Background technology
Conventional stacking type ultracapacitor by collector (substrate)/anode/membrane/cathode/collector (substrate) form
It stacks and forms.Time-consuming for the stacked ultracapacitor manufacture of this structure type, and process is complicated and its structure type is related to
Two substrates;Collector and electrode material fail to be melted into a whole, and the volume for causing conventional stacking type ultracapacitor is big, is unfavorable for
Its application in Miniaturized Integrated Circuit.
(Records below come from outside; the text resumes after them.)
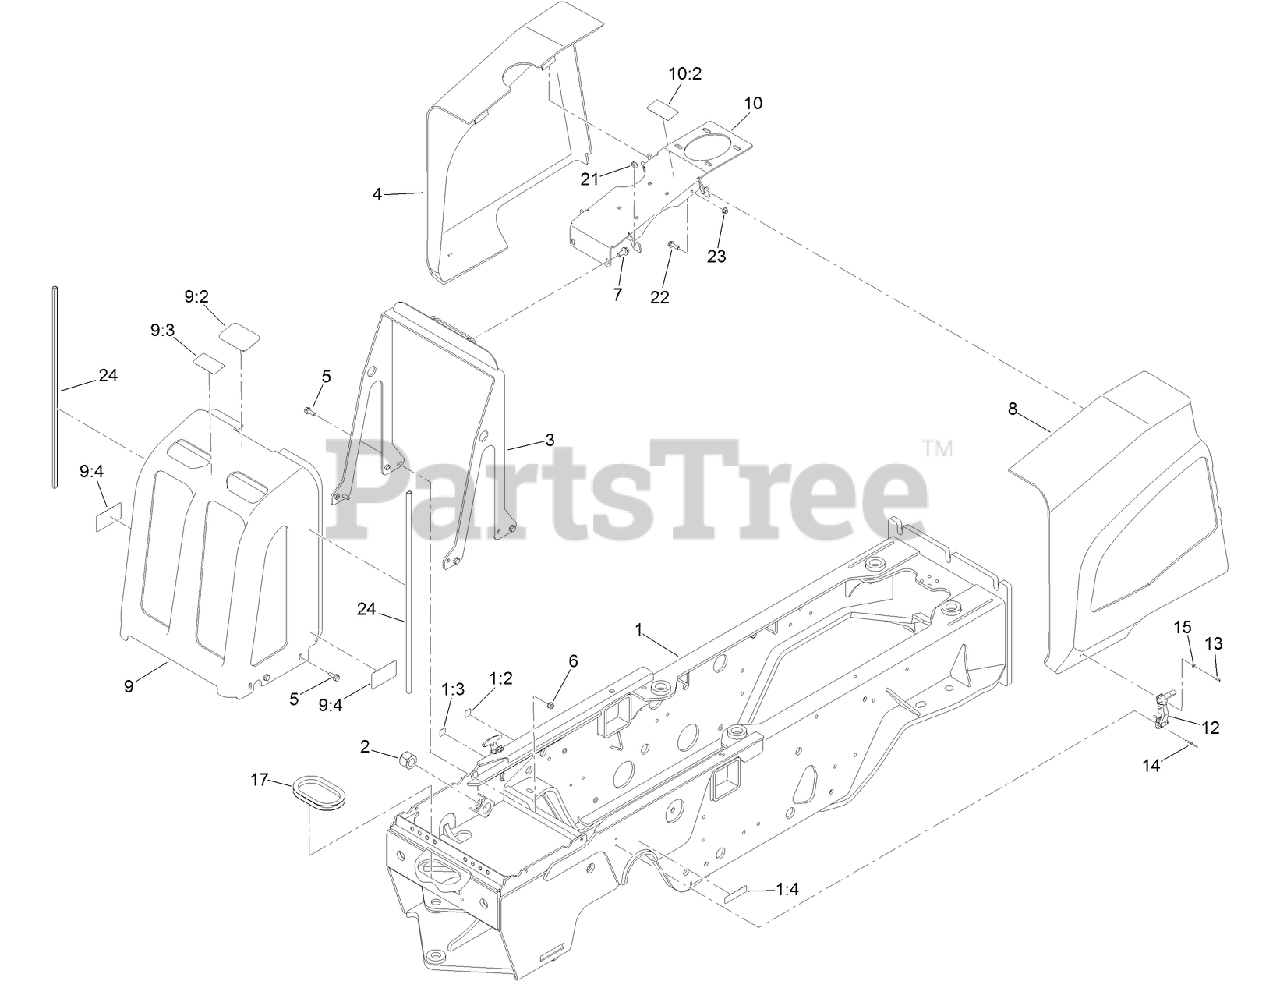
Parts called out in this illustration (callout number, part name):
1	CHASSIS FRAME ASM
1:2	DECAL-FLUID, HYDRAULIC (OUT)
1:3	DECAL-FLUID, HYDRAULIC (IN)
1:4	DECAL-ARRESTER, SPARK
3	SUPPORT-HOOD
4	RT600 RIGHT HOOD
5	SCREW-HHF
6	NUT-LOCK, NI
7	SCREW-HHF
8	RT600 LEFT HOOD
9	NOSE-CLIP W/DECALS
9:2	DECAL
9:3	DECAL-WARNING, RADIATOR
9:4	DECAL-WARNING, FAN
10	HOOD SUPPORT ASM
10:2	DECAL-SURFACE, HOT
12	LATCH-DRAW, FLEXIBLE
13	RIVET-POP
14	RIVET-BLIND
15	WASHER-PLAIN
17	TRIM-EDGE
21	TRIM-BUMPER
22	SCREW-HHF
23	NUT-HF
24	SEAL-BULB

With the fast development of the electronic equipment of light, thin, flexible various shapes, people are greatly have stimulated to new
The demand of energy storage device.Current energy storage device, such as lithium electricity battery and ultracapacitor, shape are fixed, and volume is big, quality
Weight, it is difficult to meet the requirement of flexible electronic devices.Further, since the limitation of structure design and performance, such as polymer is needed to glue
The flexible energy storage device of controlled shape can not be accomplished by tying agent and additional conductive agent and the membrane of thickness, traditional power supply.
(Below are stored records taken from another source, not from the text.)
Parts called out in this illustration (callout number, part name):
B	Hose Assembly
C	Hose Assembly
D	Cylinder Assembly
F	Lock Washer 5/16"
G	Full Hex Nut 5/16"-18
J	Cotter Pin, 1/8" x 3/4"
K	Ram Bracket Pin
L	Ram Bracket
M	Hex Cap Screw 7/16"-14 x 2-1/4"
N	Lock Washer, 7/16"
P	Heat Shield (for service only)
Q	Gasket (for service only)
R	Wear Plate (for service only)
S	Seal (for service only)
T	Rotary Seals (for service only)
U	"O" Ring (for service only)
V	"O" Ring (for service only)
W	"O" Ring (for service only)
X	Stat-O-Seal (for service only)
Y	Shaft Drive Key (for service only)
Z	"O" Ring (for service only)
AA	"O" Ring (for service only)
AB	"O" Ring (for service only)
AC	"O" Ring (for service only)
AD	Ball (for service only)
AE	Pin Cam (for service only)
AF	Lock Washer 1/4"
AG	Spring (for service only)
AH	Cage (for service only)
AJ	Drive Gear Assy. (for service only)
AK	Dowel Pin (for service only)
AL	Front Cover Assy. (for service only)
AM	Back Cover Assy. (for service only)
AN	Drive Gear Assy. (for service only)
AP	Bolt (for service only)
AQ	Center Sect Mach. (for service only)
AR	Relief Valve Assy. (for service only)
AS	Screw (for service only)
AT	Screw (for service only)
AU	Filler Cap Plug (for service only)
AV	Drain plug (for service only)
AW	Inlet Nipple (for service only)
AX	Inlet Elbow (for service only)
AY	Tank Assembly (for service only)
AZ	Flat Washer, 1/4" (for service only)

In order to overcome above-mentioned difficulties, in recent years, the graphene-based energy storage device of level-crossing finger-type causes extensive pass
Note, and be considered being expected to applying on miniature electronic chip.This planar structure causes electrode, membrane, electrolyte and afflux
Body is integrated into same substrate, is conducive to the combination of each component, the shape design of energy storage device.Although using multiple technologies,
Such as printing, photoetching development, laser ablation, the plane ultracapacitor of various shapes can be produced, but can not be realized
The manufacture of arbitrary shape ultracapacitor.
The content of the invention
In view of the above-mentioned problems, it is an object of the invention to manufacture arbitrary shape in same substrate using the method for spraying
Ultracapacitor with stacked structure, manufacturing process is simple, at low cost, has extensive market application foreground.
In order to achieve the above objectives, the technical solution adopted by the present invention is:
Arbitrary shape stacked ultracapacitor in a kind of same substrate, the capacitor are in a substrate, are stacked gradually
The arbitrary shape stacked super capacitor of first layer electrode film/second layer membrane/third layer electrode film/solid electrolyte
Device;
The first layer electrode film, third level electrode film material are:Graphene or graphene composite material;
The membrane is graphene oxide;
The solid electrolyte is that electrolyte is polyvinyl alcohol/sulfuric acid (PVA/H2SO4), polyvinyl alcohol/sodium sulphate (PVA/
Na2SO4), one kind in 1- butyl -3- methyl imidazolium tetrafluoroborates/silica solid electrolyte.
The substrate includes PET substrate (PET), polyetherimide (PEI), silicon chip, glass
Any insulating planar substrate such as glass, paper or plank.
The thickness of the electrode film is 0.1-5 μm, and the thickness of membrane is 1-3 μm.
Heretofore described first layer electrode material and third layer electrode material membrane electrode can be identical electrode
Material, or different electrode materials.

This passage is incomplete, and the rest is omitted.